Час двуликого

22
18
20
22
24
26
28
30

Товарный вагон прицепили в самый конец поезда, приставили мостки. Помначхоз Латыпов заводил по ним Арапа. Жеребец настороженно щупал копытом зыбкий настил, пугливо всхрапывал.

Курмахер, сложив руки на животе, стоял внизу, пялился на ревущее людское стадо вдоль вагонов. Зябко передергивал плечами — не приведи бог в это месиво. Теплилось в груди горькое умиротворение — сыт, нужен Латыпову — таинственно всесильному. Незаметно упорхнули три денька. Латыпов натягивал поутру зеленую фуражку на тыквенную головку и исчезал на весь день. К вечеру возвращался, вытирал потную лысину платком, неизменно похваливал себя:

— Однако молодец я, хорошо поработал.

Колупнув желтым ногтем жестянку с ландрином, оделял себя и Курмахера. Уминали бутерброды с чайком, резались в «дурака» (Латыпов раздобыл керосинку). Хрумкая ландрининой, помначхоз пояснил:

— Сам себя, однако, не похвалишь — целый день как оплеванный ходишь.

Не зря похваливал — наяву вагон и два усатых конвоира при винтовках и гранатах.

В полчаса загрузили какие-то ящики, цирковой брезент, лошадей и вот заводили Арапа по сходням.

Трижды налетали встрепанные, по-осиному злые стаи мешочников, перли напролом по настилу. Конвоиры щетинились усами, молча клацали затворами. Мешочники огрызались, меняли тактику — начинали совать деньги. Курмахер пугливо вздрагивал, вздыхал — не устоит усатое воинство перед радугой кредиток, невозможно ведь устоять, немыслимо. Но усачи стояли насмерть, Латыпов суетился, облепленный заботами погрузки, и Курмахер понемногу оттаивал. Отъезд протекал в намеченном русле.

Софья Рутова поспешала за Аврамовым. Он нес два чемодана, ее и свой, крупно, размашисто шагал, догоняя свою тень, — солнце светило им в спину.

Рутовой хотелось уцепиться за его руку, но в ней был чемодан. Ростов плыл мимо, по-утреннему свежий. Все в нем было просто: прохожие, стайки воробьев, дымящийся после полива тротуар.

В жизни Софьи тоже все стало просто — как после наркоза: уложили, усыпили, что-то отсекли, а когда открылись глаза — вроде бы все по-прежнему. Только голова ужасающе пуста да саднит то, чего уже нет, — вырезанное. Она ехала в Чечню в качестве инструктора ЧК при Аврамове.

Вокзал вырастал перед ними медведем из берлоги — вздыбленный, ревущий. Аврамов вел к паровозу, знал, куда вести.

У первого вагона стояли часовые. Глазасто пялились на перрон пустые окна. Вход полукругом облепила жаркая, разогретая вожделением толпа — а ну как удастся прорваться? Но милиция стояла- твердо, кого-то ждали.

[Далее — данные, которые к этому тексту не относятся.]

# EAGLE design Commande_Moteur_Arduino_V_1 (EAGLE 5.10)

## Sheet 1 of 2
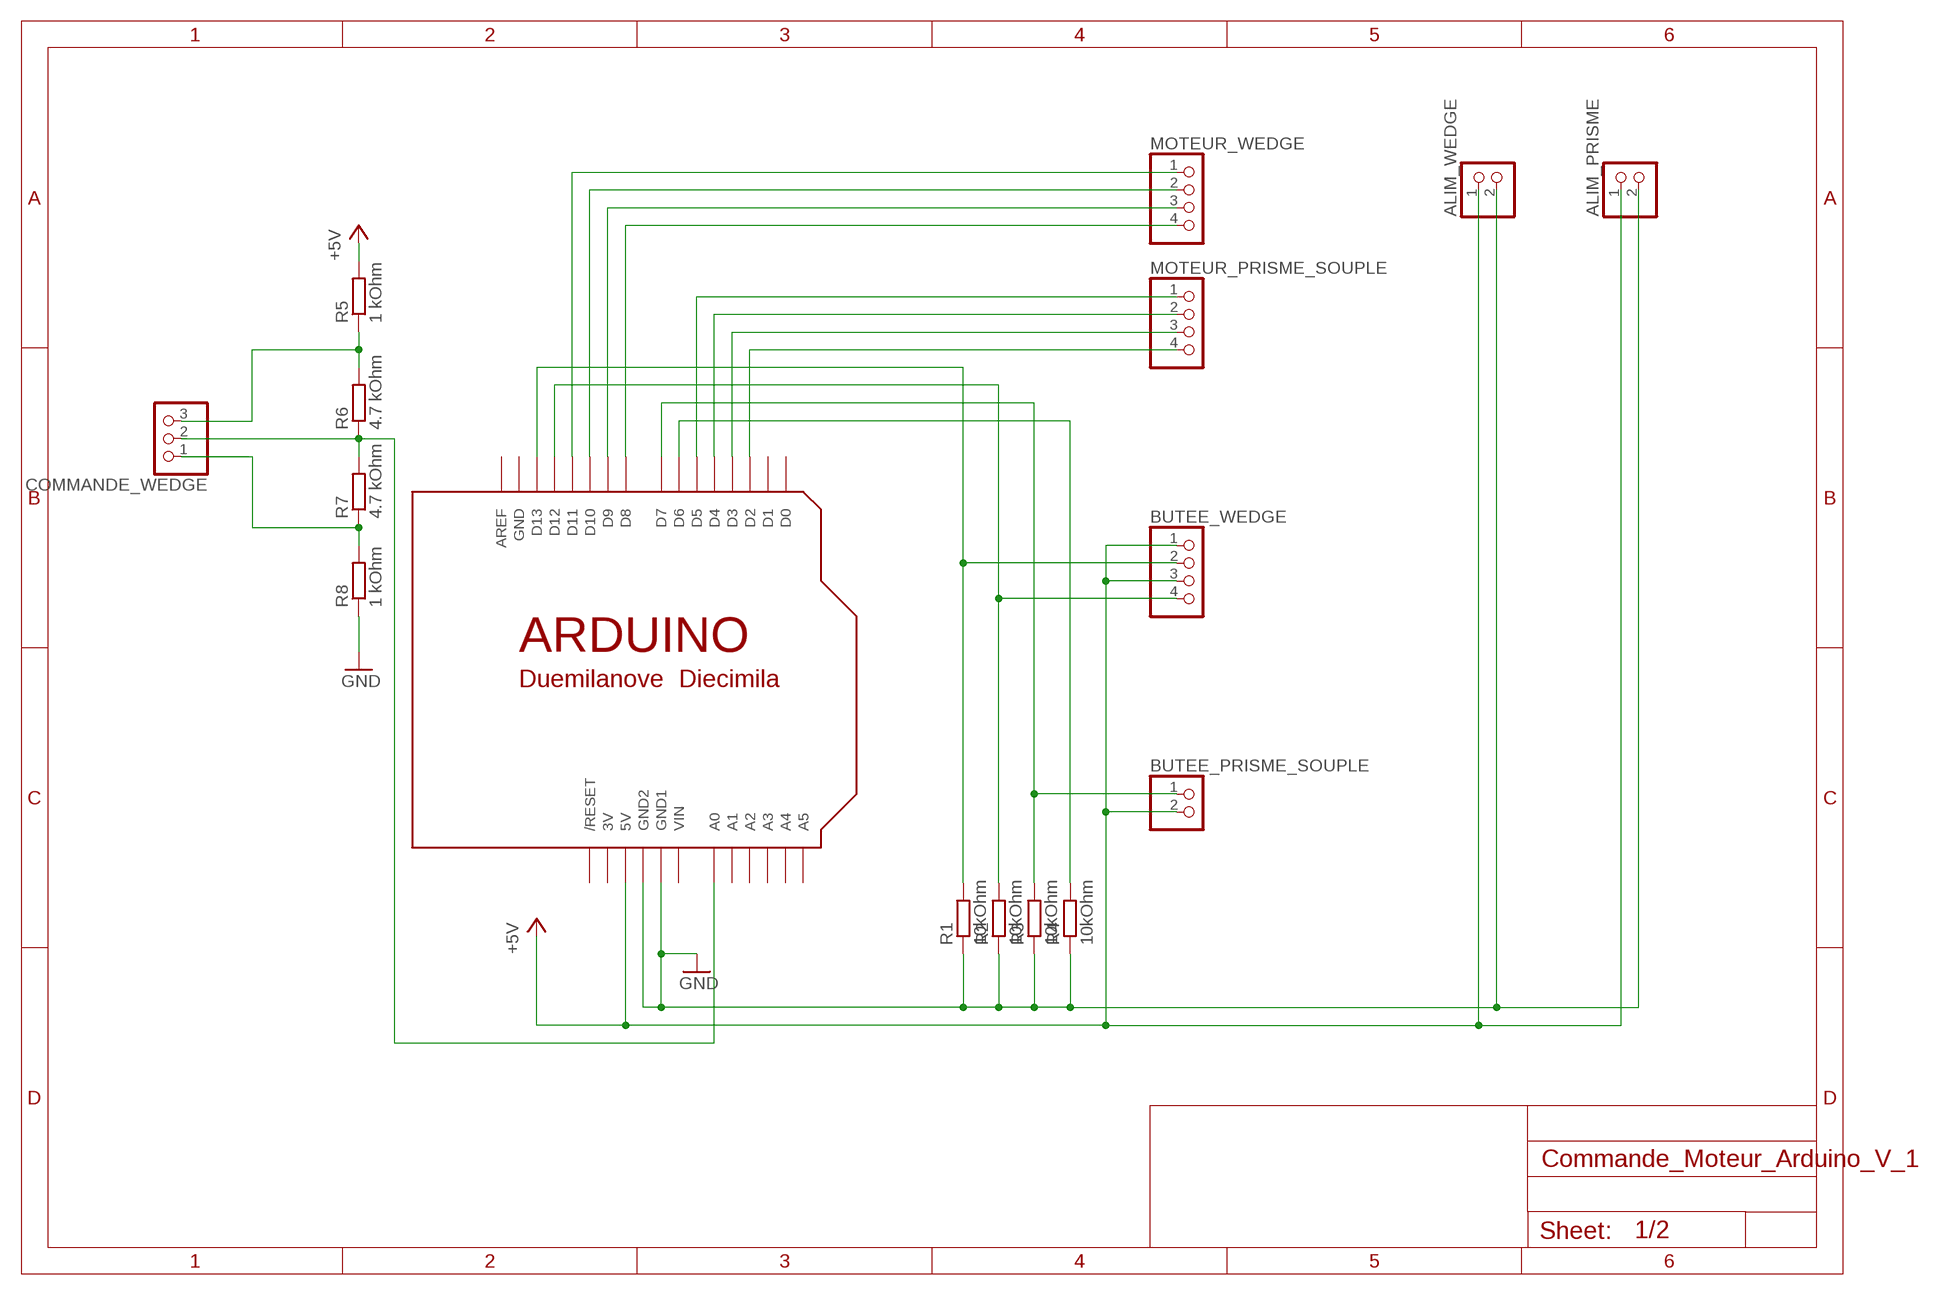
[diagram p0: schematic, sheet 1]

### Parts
ALIM_PRISME  PINHD-1X2  [1X02]
ALIM_WEDGE  PINHD-1X2  [1X02]
BUTEE_PRISME_SOUPLE  PINHD-1X2  [1X02]
BUTEE_WEDGE  PINHD-1X4  [1X04]
COMMANDE_WEDGE  PINHD-1X3  [1X03]
MOTEUR_PRISME_SOUPLE  PINHD-1X4  [1X04]
MOTEUR_WEDGE  PINHD-1X4  [1X04]
R1  10kOhm  R-EU_0204/7  [0204/7]
R2  10kOhm  R-EU_0204/7  [0204/7]
R3  10kOhm  R-EU_0204/7  [0204/7]
R4  10kOhm  R-EU_0204/7  [0204/7]
R5  1 kOhm  R-EU_0204/7  [0204/7]
R6  4.7 kOhm  R-EU_0204/7  [0204/7]
R7  4.7 kOhm  R-EU_0204/7  [0204/7]
R8  1 kOhm  R-EU_0204/7  [0204/7]
U$1  ARDUINOUNO  [ARDUINO]

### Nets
+5V: ALIM_PRISME.1 ALIM_WEDGE.1 BUTEE_PRISME_SOUPLE.2 BUTEE_WEDGE.1 BUTEE_WEDGE.3 R5.2 U$1.5V
GND: ALIM_PRISME.2 ALIM_WEDGE.2 R1.1 R2.1 R3.1 R4.1 R8.1 U$1.GND1 U$1.GND2
N$1: MOTEUR_WEDGE.4 U$1.D8
N$2: MOTEUR_WEDGE.3 U$1.D9
N$3: MOTEUR_WEDGE.2 U$1.D10
N$4: MOTEUR_WEDGE.1 U$1.D11
N$5: MOTEUR_PRISME_SOUPLE.4 U$1.D2
N$6: MOTEUR_PRISME_SOUPLE.3 U$1.D3
N$7: MOTEUR_PRISME_SOUPLE.2 U$1.D4
N$8: MOTEUR_PRISME_SOUPLE.1 U$1.D5
N$9: COMMANDE_WEDGE.3 R5.1 R6.2
N$10: BUTEE_WEDGE.2 R1.2 U$1.D13
N$11: BUTEE_WEDGE.4 R2.2 U$1.D12
N$12: BUTEE_PRISME_SOUPLE.1 R3.2 U$1.D7
N$13: R4.2 U$1.D6
N$14: COMMANDE_WEDGE.2 R6.1 R7.2 U$1.A0
N$15: COMMANDE_WEDGE.1 R7.1 R8.2
Unconnected: U$1.A1 U$1.A2 U$1.A3 U$1.A4 U$1.A5 U$1.AREF U$1.D0 U$1.D1 U$1.RESET(/RESET)

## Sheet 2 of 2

Наконец стали запускать молодых безоружных милиционеров — ехали на службу в Грозный, там и вооружать станут.

Они пришли строем, человек десять, стриженые, с цыплячьими шеями, в неломаной, торчащей форме. Поднимались в вагон насупленные, в служебной значимости сводили бровенки.

Аврамов подтолкнул Рутову вперед, предъявил часовым мандат. Те прочли, козырнули.

После милиции впустили остальных. Гроздьями висли головы с забитых до отказа полок, сидели и в проходах — спина к спине. Вагон ощутимо потрескивал, казалось, у него вздувались бока, как у опоенной лошади.

* * *

Ахмедхан плелся побитым псом позади Митцинского, виновато, шумно вздыхал. Спиридон Драч деликатно поспешал за ним, разбрасывая полы рясы обшарпанными сапогами. Митцинский, сузив бешеные, льдистые глаза, стремительно ввинчивался в толпу, время от времени оглядывался. На улице, как назло, ни одного извозчика. Они опаздывали.

Ахмедхан, растревоженный отъездом в Чечню, полночи ворочался на визгливом диване. Спиридон Драч пускал заливистые рулады на полу, — подстелив рясу, храпел. Митцинский лежал на спине, дышал неслышно, ровно.

Намаявшись бессонницей, далеко за полночь Ахмедхан оделся и спустился вниз — размяться. Долго бродил по гулким ночным улицам города, тоскливо задирал голову — не сереет ли небо?